Large language models (LLMs) are increasingly used to allocate limited computation across verification, test-time scaling, and other selective-compute decisions. These policies rely on a global signal comparability assumption: equal scores should carry comparable decision value across inputs. According to a recent paper on arXiv by Yang Jinlong, this assumption fails in practice due to heteroskedastic signals — uncertainty quality varies across cost strata, with some regions exhibiting near-random discriminability despite concentrating many errors.
The paper, titled "Heteroskedastic Signals in Budgeted LLM Verification: Structural Heterogeneity Limits Optimization Gains," uses budgeted verification as a controlled diagnostic setting. The authors find that global online adaptation yields inconsistent gains over static thresholding, while structural heterogeneity limits optimization improvements.
The Heteroskedastic Signal Problem
Under a global signal comparability assumption, allocation policies assume that an uncertainty score of, say, 0.8 means the same thing whether the input is simple or complex. The paper shows that this is not the case. In certain cost strata — inputs requiring more computational resources — the signal quality degrades disproportionately. The authors characterize the resulting distortion of global allocation and show that its upper bound scales with cross-stratum signal-quality dispersion.
The Intervention Hierarchy
To separate weak signals, optimization instability, and structural heterogeneity, the authors propose a controlled intervention hierarchy:
- Threshold: A simple static thresholding policy.
- MP-Adapt: Online adaptation without stratification.
- MP-Strat: Stratified adaptation that partially recovers performance.
- CST (Cost-Stratified Thresholding): A deliberately simple intervention that adjusts thresholds per cost stratum.

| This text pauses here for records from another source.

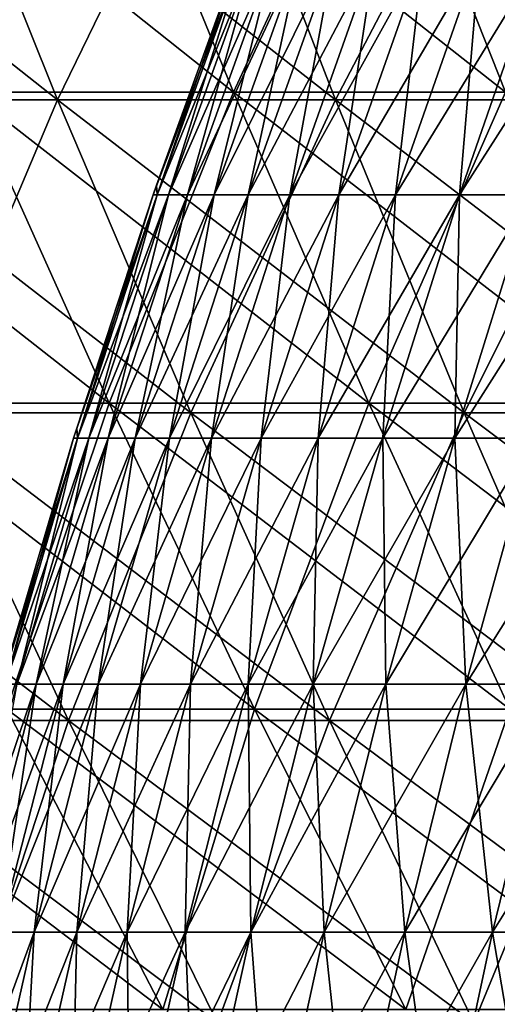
# Model space of a CAD drawing. Header units: millimetres. Extents: x -125 to 125, y -45 to 4025.
# Tile 264 of 656: x -72 to -68, y 3952 to 3960. Entities that reach past the tile are written whole.
import ezdxf

# ---------------------------------------------------------------- set-up
doc = ezdxf.new("R2010")
doc.units = ezdxf.units.MM
doc.header["$LTSCALE"] = 6.999206
for name, color, linetype in [('21', 7, 'CONTINUOUS'), ('22', 7, 'CONTINUOUS'), ('23', 7, 'CONTINUOUS'), ('24', 7, 'CONTINUOUS'), ('26', 7, 'CONTINUOUS'), ('27', 7, 'CONTINUOUS')]:
    doc.layers.add(name, color=color, linetype=linetype)

msp = doc.modelspace()

# ---------------------------------------------------------------- linework, layer by layer
at = {"layer": '21', "color": 7, "linetype": 'CONTINUOUS'}
for points in [[(-74.1646, 3959.6189, 76.4848), (-71.7741, 3959.6189, 78.7324), (-75.332, 3962.4336, 77.6887), (-74.1646, 3959.6189, 76.4848)], [(-75.332, 3962.4336, 77.6887), (-71.7741, 3959.6189, 78.7324), (-72.9038, 3962.4336, 79.9717), (-75.332, 3962.4336, 77.6887)], [(-71.7741, 3959.6189, 78.7324), (-69.3155, 3959.6189, 80.9054), (-72.9038, 3962.4336, 79.9717), (-71.7741, 3959.6189, 78.7324)], [(-72.9038, 3962.4336, 79.9717), (-69.3155, 3959.6189, 80.9054), (-70.4065, 3962.4336, 82.1789), (-72.9038, 3962.4336, 79.9717)], [(-69.3155, 3959.6189, 80.9054), (-66.7911, 3959.6189, 83.0016), (-70.4065, 3962.4336, 82.1789), (-69.3155, 3959.6189, 80.9054)], [(-70.4065, 3962.4336, 82.1789), (-66.7911, 3959.6189, 83.0016), (-67.8424, 3962.4336, 84.3081), (-70.4065, 3962.4336, 82.1789)], [(-72.9463, 3956.8491, 75.2283), (-70.595, 3956.8491, 77.439), (-74.1646, 3959.6189, 76.4848), (-72.9463, 3956.8491, 75.2283)], [(-74.1646, 3959.6189, 76.4848), (-70.595, 3956.8491, 77.439), (-71.7741, 3959.6189, 78.7324), (-74.1646, 3959.6189, 76.4848)], [(-70.595, 3956.8491, 77.439), (-68.1768, 3956.8491, 79.5763), (-71.7741, 3959.6189, 78.7324), (-70.595, 3956.8491, 77.439)], [(-71.7741, 3959.6189, 78.7324), (-68.1768, 3956.8491, 79.5763), (-69.3155, 3959.6189, 80.9054), (-71.7741, 3959.6189, 78.7324)], [(-68.1768, 3956.8491, 79.5763), (-65.6939, 3956.8491, 81.638), (-69.3155, 3959.6189, 80.9054), (-68.1768, 3956.8491, 79.5763)], [(-69.3155, 3959.6189, 80.9054), (-65.6939, 3956.8491, 81.638), (-66.7911, 3959.6189, 83.0016), (-69.3155, 3959.6189, 80.9054)], [(-73.9202, 3954.1261, 71.6778), (-71.6778, 3954.1261, 73.9202), (-75.2283, 3956.8491, 72.9463), (-73.9202, 3954.1261, 71.6778)], [(-75.2283, 3956.8491, 72.9463), (-71.6778, 3954.1261, 73.9202), (-72.9463, 3956.8491, 75.2283), (-75.2283, 3956.8491, 72.9463)], [(-71.6778, 3954.1261, 73.9202), (-69.3674, 3954.1261, 76.0924), (-72.9463, 3956.8491, 75.2283), (-71.6778, 3954.1261, 73.9202)], [(-72.9463, 3956.8491, 75.2283), (-69.3674, 3954.1261, 76.0924), (-70.595, 3956.8491, 77.439), (-72.9463, 3956.8491, 75.2283)], [(-69.3674, 3954.1261, 76.0924), (-66.9912, 3954.1261, 78.1925), (-70.595, 3956.8491, 77.439), (-69.3674, 3954.1261, 76.0924)], [(-70.595, 3956.8491, 77.439), (-66.9912, 3954.1261, 78.1925), (-68.1768, 3956.8491, 79.5763), (-70.595, 3956.8491, 77.439)], [(-66.9912, 3954.1261, 78.1925), (-64.5515, 3954.1261, 80.2184), (-68.1768, 3956.8491, 79.5763), (-66.9912, 3954.1261, 78.1925)], [(-68.1768, 3956.8491, 79.5763), (-64.5515, 3954.1261, 80.2184), (-65.6939, 3956.8491, 81.638), (-68.1768, 3956.8491, 79.5763)], [(-72.5612, 3951.4519, 70.3601), (-70.3601, 3951.4519, 72.5612), (-73.9202, 3954.1261, 71.6778), (-72.5612, 3951.4519, 70.3601)], [(-73.9202, 3954.1261, 71.6778), (-70.3601, 3951.4519, 72.5612), (-71.6778, 3954.1261, 73.9202), (-73.9202, 3954.1261, 71.6778)], [(-70.3601, 3951.4519, 72.5612), (-68.0922, 3951.4519, 74.6936), (-71.6778, 3954.1261, 73.9202), (-70.3601, 3951.4519, 72.5612)], [(-71.6778, 3954.1261, 73.9202), (-68.0922, 3951.4519, 74.6936), (-69.3674, 3954.1261, 76.0924), (-71.6778, 3954.1261, 73.9202)], [(-68.0922, 3951.4519, 74.6936), (-65.7597, 3951.4519, 76.755), (-69.3674, 3954.1261, 76.0924), (-68.0922, 3951.4519, 74.6936)], [(-69.3674, 3954.1261, 76.0924), (-65.7597, 3951.4519, 76.755), (-66.9912, 3954.1261, 78.1925), (-69.3674, 3954.1261, 76.0924)]]:
    msp.add_3dface(points, dxfattribs=at)
at = {"layer": '22', "color": 7, "linetype": 'CONTINUOUS'}
for points in [[(-71.7741, 3959.6189, -78.7324), (-74.1646, 3959.6189, -76.4848), (-72.9038, 3962.4336, -79.9717), (-71.7741, 3959.6189, -78.7324)], [(-70.4065, 3962.4336, -82.1789), (-71.7741, 3959.6189, -78.7324), (-72.9038, 3962.4336, -79.9717), (-70.4065, 3962.4336, -82.1789)], [(-69.3155, 3959.6189, -80.9054), (-71.7741, 3959.6189, -78.7324), (-70.4065, 3962.4336, -82.1789), (-69.3155, 3959.6189, -80.9054)], [(-67.8424, 3962.4336, -84.3081), (-69.3155, 3959.6189, -80.9054), (-70.4065, 3962.4336, -82.1789), (-67.8424, 3962.4336, -84.3081)], [(-66.7911, 3959.6189, -83.0016), (-69.3155, 3959.6189, -80.9054), (-67.8424, 3962.4336, -84.3081), (-66.7911, 3959.6189, -83.0016)], [(-71.7741, 3959.6189, -78.7324), (-72.9463, 3956.8491, -75.2283), (-74.1646, 3959.6189, -76.4848), (-71.7741, 3959.6189, -78.7324)], [(-70.595, 3956.8491, -77.439), (-72.9463, 3956.8491, -75.2283), (-71.7741, 3959.6189, -78.7324), (-70.595, 3956.8491, -77.439)], [(-69.3155, 3959.6189, -80.9054), (-70.595, 3956.8491, -77.439), (-71.7741, 3959.6189, -78.7324), (-69.3155, 3959.6189, -80.9054)], [(-68.1768, 3956.8491, -79.5763), (-70.595, 3956.8491, -77.439), (-69.3155, 3959.6189, -80.9054), (-68.1768, 3956.8491, -79.5763)], [(-66.7911, 3959.6189, -83.0016), (-68.1768, 3956.8491, -79.5763), (-69.3155, 3959.6189, -80.9054), (-66.7911, 3959.6189, -83.0016)], [(-65.6939, 3956.8491, -81.638), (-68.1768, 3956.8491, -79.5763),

Across benchmarks, CST stood out. The paper reports that CST improves hit rate by up to 17 percentage points in strongly heterogeneous settings without gradient updates. This result identifies structural heterogeneity, rather than optimizer weakness alone, as the primary bottleneck.
Benchmarks and Models
The experiments were conducted on two popular coding and math benchmarks: MBPP and MATH. The models tested include:
| Model | Benchmark | Key Finding |
|---|---|---|
| Qwen3-8B | MBPP, MATH | CST improved hit rate significantly in heterogeneous settings |
| LLaMA3-8B | MBPP, MATH | Similar pattern of heteroskedastic signals |
| GPT-4o-mini | MBPP, MATH | Global adaptation inconsistent; CST partially recovers performance |
According to the paper, the results show that misaligned feedback structure cannot always be repaired by stronger optimization. Enterprise teams deploying LLMs for verification tasks — such as validating outputs in supply chain document processing or code generation — should account for signal heterogeneity across cost strata. A one-size-fits-all confidence threshold may leave valuable accuracy on the table.
Implications for Enterprise AI
For CTOs and technology procurement leaders, this research underscores a critical design principle: when LLMs are used for budgeted verification, the verification policy must be adapted to the structural heterogeneity of signals. Simple stratified thresholding can outperform complex global optimization methods, reducing the need for expensive retraining or fine-tuning. The paper suggests that ignoring heteroskedasticity can lead to suboptimal allocation of compute resources, especially in high-stakes settings like trade documentation verification or customs classification where error costs are high.
The paper is available on arXiv under the identifier 2606.15841 and is licensed under a Creative Commons Attribution 4.0 International License.